Figure 2. Marshall Test and Stability and Flow Digital Indicator
2.3. Experimental Investigation

The Marshall Stability test was carried out using marshall test and stability flow indicator as shown in Figure 2, on four samples each, containing 3% and 5% ceramic waste and the other containing 3% and 5% lime as filler in the mix design. The stability (kN), unit weight (gm/cc), percentage of air voids present in the sample, flow value measured in mm, percentage of voids filled with bitumen (VFB) and voids in mineral aggregate (VMA) were evaluated on each sample.
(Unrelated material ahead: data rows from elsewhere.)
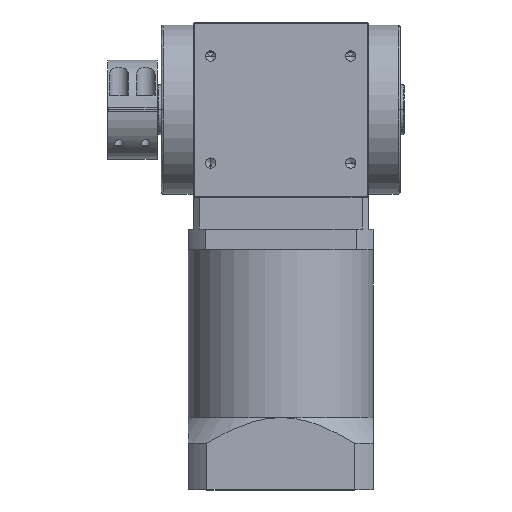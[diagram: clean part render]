
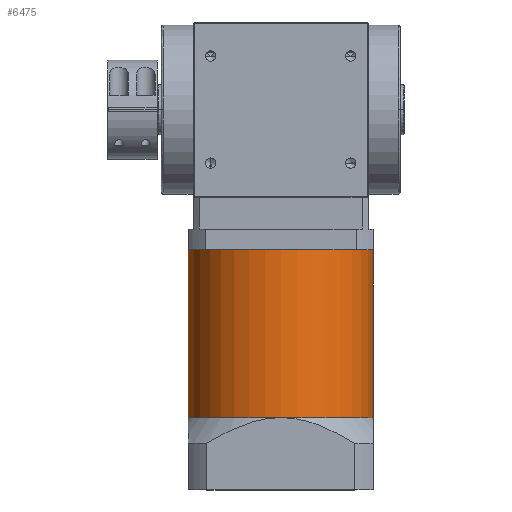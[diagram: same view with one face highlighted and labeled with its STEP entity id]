
A CAD part, top view. The second image highlights one B-rep face of the part: STEP entity #6475.
In plain terms, the highlighted cylindrical face has radius 45 mm (diameter 90 mm), a partial arc.
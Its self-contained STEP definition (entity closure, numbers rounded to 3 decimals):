
#758 = FACE_OUTER_BOUND ( 'NONE', #2381, .T. ) ;
#2326 = VERTEX_POINT ( 'NONE', #6481 ) ;
#2381 = EDGE_LOOP ( 'NONE', ( #11507, #11799, #2550, #10633, #7273, #2512 ) ) ;
#2512 = ORIENTED_EDGE ( 'NONE', *, *, #10383, .T. ) ;
#2537 = VERTEX_POINT ( 'NONE', #4324 ) ;
#2550 = ORIENTED_EDGE ( 'NONE', *, *, #10287, .T. ) ;
#3993 = VERTEX_POINT ( 'NONE', #9196 ) ;
#4239 = VERTEX_POINT ( 'NONE', #7985 ) ;
#4324 = CARTESIAN_POINT ( 'NONE',  ( 45., -68., 0. ) ) ;
#4332 = AXIS2_PLACEMENT_3D ( 'NONE', #6848, #6842, #6829 ) ;
#4964 = AXIS2_PLACEMENT_3D ( 'NONE', #6459, #6448, #6442 ) ;
#5117 = DIRECTION ( 'NONE',  ( -1., 0., 0. ) ) ;
#5119 = DIRECTION ( 'NONE',  ( 0., 1., 0. ) ) ;
#5143 = CARTESIAN_POINT ( 'NONE',  ( 0., -149.5, 0. ) ) ;
#5197 = AXIS2_PLACEMENT_3D ( 'NONE', #6391, #6374, #6370 ) ;
#5431 = DIRECTION ( 'NONE',  ( 0., 1., 0. ) ) ;
#5460 = CARTESIAN_POINT ( 'NONE',  ( -45., -149.5, 0. ) ) ;
#6370 = DIRECTION ( 'NONE',  ( -1., 0., 0. ) ) ;
#6374 = DIRECTION ( 'NONE',  ( 0., -1., 0. ) ) ;
#6391 = CARTESIAN_POINT ( 'NONE',  ( 0., -68., 0. ) ) ;
#6442 = DIRECTION ( 'NONE',  ( -1., 0., 0. ) ) ;
#6448 = DIRECTION ( 'NONE',  ( 0., -1., 0. ) ) ;
#6459 = CARTESIAN_POINT ( 'NONE',  ( 0., -68., 0. ) ) ;
#6475 = ADVANCED_FACE ( 'NONE', ( #758 ), #9451, .T. ) ;
#6481 = CARTESIAN_POINT ( 'NONE',  ( -45., -68., 0. ) ) ;
#6582 = CARTESIAN_POINT ( 'NONE',  ( 0., -149.5, 0. ) ) ;
#6644 = DIRECTION ( 'NONE',  ( 0., 1., 0. ) ) ;
#6829 = DIRECTION ( 'NONE',  ( -1., 0., 0. ) ) ;
#6842 = DIRECTION ( 'NONE',  ( 0., 1., 0. ) ) ;
#6848 = CARTESIAN_POINT ( 'NONE',  ( 0., -149.5, 0. ) ) ;
#6983 = DIRECTION ( 'NONE',  ( -1., 0., 0. ) ) ;
#7173 = DIRECTION ( 'NONE',  ( 0., 1., 0. ) ) ;
#7192 = CARTESIAN_POINT ( 'NONE',  ( 45., -149.5, 0. ) ) ;
#7244 = AXIS2_PLACEMENT_3D ( 'NONE', #5143, #5119, #5117 ) ;
#7273 = ORIENTED_EDGE ( 'NONE', *, *, #10369, .F. ) ;
#7616 = VERTEX_POINT ( 'NONE', #8671 ) ;
#7985 = CARTESIAN_POINT ( 'NONE',  ( 0., -149.5, 45. ) ) ;
#8671 = CARTESIAN_POINT ( 'NONE',  ( -45., -149.5, 0. ) ) ;
#8874 = VERTEX_POINT ( 'NONE', #12093 ) ;
#9018 = LINE ( 'NONE', #5460, #9099 ) ;
#9099 = VECTOR ( 'NONE', #5431, 1000. ) ;
#9196 = CARTESIAN_POINT ( 'NONE',  ( 45., -149.5, 0. ) ) ;
#9451 = CYLINDRICAL_SURFACE ( 'NONE', #11100, 45. ) ;
#9867 = VECTOR ( 'NONE', #7173, 1000. ) ;
#9913 = LINE ( 'NONE', #7192, #9867 ) ;
#10198 = EDGE_CURVE ( 'NONE', #3993, #2537, #9913, .T. ) ;
#10217 = CIRCLE ( 'NONE', #4332, 45. ) ;
#10225 = EDGE_CURVE ( 'NONE', #4239, #3993, #10217, .T. ) ;
#10287 = EDGE_CURVE ( 'NONE', #2537, #8874, #11032, .T. ) ;
#10301 = EDGE_CURVE ( 'NONE', #8874, #2326, #10979, .T. ) ;
#10369 = EDGE_CURVE ( 'NONE', #7616, #2326, #9018, .T. ) ;
#10383 = EDGE_CURVE ( 'NONE', #7616, #4239, #12081, .T. ) ;
#10633 = ORIENTED_EDGE ( 'NONE', *, *, #10301, .T. ) ;
#10979 = CIRCLE ( 'NONE', #5197, 45. ) ;
#11032 = CIRCLE ( 'NONE', #4964, 45. ) ;
#11100 = AXIS2_PLACEMENT_3D ( 'NONE', #6582, #6644, #6983 ) ;
#11507 = ORIENTED_EDGE ( 'NONE', *, *, #10225, .T. ) ;
#11799 = ORIENTED_EDGE ( 'NONE', *, *, #10198, .T. ) ;
#12081 = CIRCLE ( 'NONE', #7244, 45. ) ;
#12093 = CARTESIAN_POINT ( 'NONE',  ( 0., -68., 45. ) ) ;

Results of all the parameters for both ceramic wastes and lime having 3% and 5% filler content in the sample are mentioned as in Table 2 & Table 3.

Table 2. Parameter Obtained for mix (Ceramic Wastes)

The Table 2 & Table 3 shows the effect of the ceramic waste as a filler and the conventional filler effect on various parameters such as Stability, Flow Value, Air Voids, Voids in Mineral Aggregates, Voids Filled with Bitumen and unit weight at different binder content.

3. Results and Discussion

The Optimum Binder Content (OBC) for specimens containing 3% and 5% ceramic waste (CW) was estimated to be 5.57% and 5.80% respectively and that for the sample containing 3% and 5% lime (L) came out to be 5.18% and 5.49% respectively. This clearly indicates the similarities between ceramic waste and lime. Results are incrasing and may be used to ceramic can replace lime. The results of the Marshall Test parameters obtained at OBC value for all the 4 types of samples are shown in Table 4.

It was noted that the ceramic wastes meet all minimum requirements as per MORTH 2012 Specification as a filler material in SDBC.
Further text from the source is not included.